··· Data provided ···

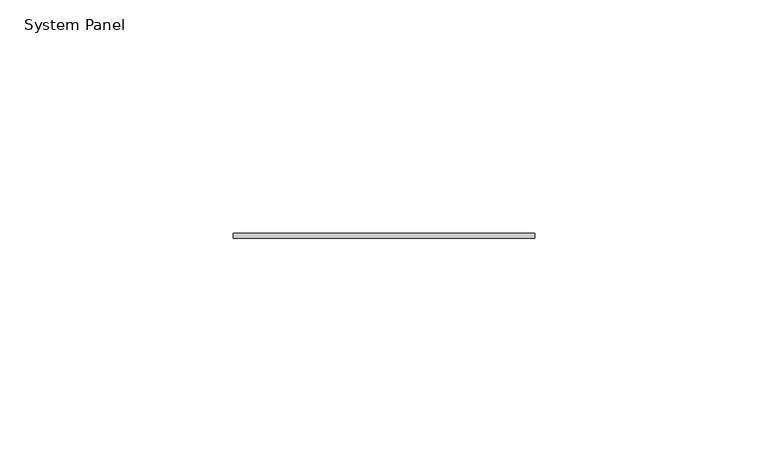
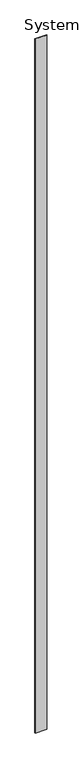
"""IFC4 building model written with IfcOpenShell, lengths in millimetres: plate geometry, System Panel : Stratco_Hiland_Tray."""

from ifc_helpers import new_model, si_unit, origin, origin_with_axes, place, context, project, spatial, polyline, outline, extrude, source, transform, mapped, element, save


def system_panel_fe512d0c(model_context):
    return source(origin(), model_context, "Body", "SweptSolid", [
        extrude(outline(polyline([(32.2485582, 2.5), (-32.2485582, 2.5), (-32.2485582, 3.5), (32.2485582, 3.5), (32.2485582, 2.5)])), origin_with_axes(), (0.0, 0.0, 1.0), 4000.0),
    ])


if __name__ == "__main__":
    model = new_model("IFC4")
    model_context = context("Model", 3, world=origin())
    ifc_project = project(units=[si_unit("LENGTHUNIT", "METRE", prefix="MILLI")], contexts=[model_context])
    site = spatial("IfcSite", under=ifc_project)
    building = spatial("IfcBuilding", under=site)
    placement = place(None, origin())
    system_panel_shape = system_panel_fe512d0c(model_context)
    element("IfcPlate", 1, ObjectType="System Panel : Stratco_Hiland_Tray", at=placement, inside=building, context=model_context, shape_type="MappedRepresentation", body=[
        mapped(system_panel_shape, transform((0.0, 0.0, 0.0), x_axis=(1.0, 0.0, 0.0), y_axis=(0.0, 1.0, 0.0), z_axis=(0.0, 0.0, 1.0))),
    ])
    save(model, "model.ifc")

···

What the task requires
Every entry must be retyped exactly, with the pictures removed.

Your response
"""IFC4 building model written with IfcOpenShell, lengths in millimetres: plate geometry, System Panel : Stratco_Hiland_Tray."""

from ifc_helpers import new_model, si_unit, origin, origin_with_axes, place, context, project, spatial, polyline, outline, extrude, source, transform, mapped, element, save


def system_panel_fe512d0c(model_context):
    return source(origin(), model_context, "Body", "SweptSolid", [
        extrude(outline(polyline([(32.2485582, 2.5), (-32.2485582, 2.5), (-32.2485582, 3.5), (32.2485582, 3.5), (32.2485582, 2.5)])), origin_with_axes(), (0.0, 0.0, 1.0), 4000.0),
    ])


if __name__ == "__main__":
    model = new_model("IFC4")
    model_context = context("Model", 3, world=origin())
    ifc_project = project(units=[si_unit("LENGTHUNIT", "METRE", prefix="MILLI")], contexts=[model_context])
    site = spatial("IfcSite", under=ifc_project)
    building = spatial("IfcBuilding", under=site)
    placement = place(None, origin())
    system_panel_shape = system_panel_fe512d0c(model_context)
    element("IfcPlate", 1, ObjectType="System Panel : Stratco_Hiland_Tray", at=placement, inside=building, context=model_context, shape_type="MappedRepresentation", body=[
        mapped(system_panel_shape, transform((0.0, 0.0, 0.0), x_axis=(1.0, 0.0, 0.0), y_axis=(0.0, 1.0, 0.0), z_axis=(0.0, 0.0, 1.0))),
    ])
    save(model, "model.ifc")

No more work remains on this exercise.